→ **Task description**
Below are records; say how many of their lines include the word "points", giving nothing but the number.

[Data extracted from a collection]
-- Opening Marker --
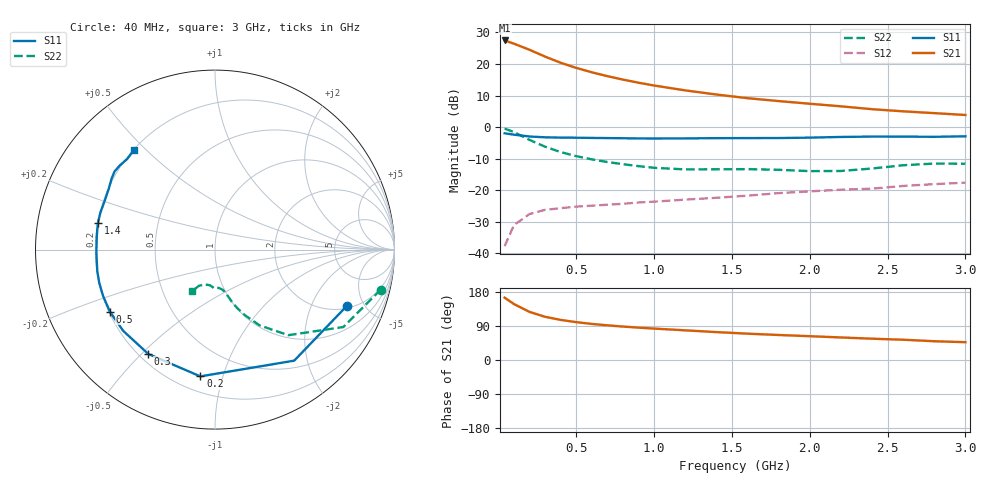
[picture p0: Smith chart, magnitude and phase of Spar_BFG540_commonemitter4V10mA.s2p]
! Filename:  BFG540B.S2P  Version:  3.0
! NXP part #: BFG540  Date: Feb 1992
! Bias condition: Vce=4V, Ic=10mA
! IN LINE PINNING: same data as with cross emitter pinning.
#  MHz  S  MA  R  50
! Freq  S11  S21  S12  S22  !GUM [dB]
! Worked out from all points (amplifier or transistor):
!   21 points, 40 MHz to 3 GHz, reference 50 ohm
!   highest |S21| = 27.5 dB at 40 MHz (marker M1)
!   |S21| within 3 dB of that: start of sweep to 202.3 MHz
!   unconditionally stable (mu >= 1): 1.191 GHz to end of sweep
!   at 300 MHz: K = 0.32, MSG = 24.3 dB, |S12| = -26.2 dB
!   at 1 GHz: K = 0.90, MSG = 18.4 dB, |S12| = -23.6 dB
!   at 3 GHz: K = 1.23, MAG = 7.8 dB, |S12| = -17.6 dB
!   lowest NFmin = 1.30 dB at 900 MHz
!   S11 on the Smith chart (normalised r, x): 40 MHz: 2.15, -3.72; 200 MHz: 0.30, -0.85; 300 MHz: 0.24, -0.52; 500 MHz: 0.20, -0.26; 1.4 GHz: 0.20, +0.11; 3 GHz: 0.20, +0.46
40  0.799 -23.1  23.64 164.6  0.013 77.3  0.95 -13.6
100  0.76 -54.5  21.01 147.6  0.028 61.7  0.835 -31.1
200  0.711 -96.6  16.83 126.9  0.042 47.0  0.628 -49.4
300  0.69 -122.6  13.11 114.0  0.049 39.9  0.49 -59.5
400  0.683 -138.5  10.48 105.8  0.052 37.6  0.403 -65.4
500  0.68 -149.5  8.682 99.9  0.055 36.6  0.347 -69.3
600  0.675 -157.5  7.399 95.2  0.057 37.0  0.309 -71.9
700  0.671 -163.9  6.429 91.5  0.059 38.0  0.28 -73.7
800  0.667 -169.4  5.671 88.2  0.061 39.1  0.259 -75.3
900  0.662 -174.3  5.06 85.4  0.064 40.7  0.241 -77.2
1000  0.661 -178.9  4.569 82.9  0.066 42.4  0.227 -79.4
1200  0.663 173.4  3.823 78.3  0.071 45.6  0.214 -84.7
1400  0.669 167.3  3.288 73.6  0.076 47.6  0.215 -89.1
1600  0.671 161.9  2.878 69.5  0.082 51.0  0.216 -91.2
1800  0.672 156.1  2.589 66.0  0.09 52.6  0.211 -92.9
2000  0.682 150.2  2.349 62.8  0.096 54.9  0.201 -97.9
2200  0.699 145.5  2.138 59.5  0.102 56.4  0.202 -106.6
2400  0.709 142.1  1.926 56.2  0.106 58.3  0.221 -114.1
2600  0.708 138.6  1.78 53.5  0.117 59.0  0.249 -117.2
2800  0.703 134.1  1.667 49.5  0.125 58.1  0.265 -117.5
3000  0.716 128.9  1.558 47.0  0.132 59.9  0.263 -119.1
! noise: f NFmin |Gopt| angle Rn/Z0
900  1.3  0.298  143  0.1
2000  2.1  0.537  -162  0.09
-- Closing Marker --
→ **Solution to this problem**
2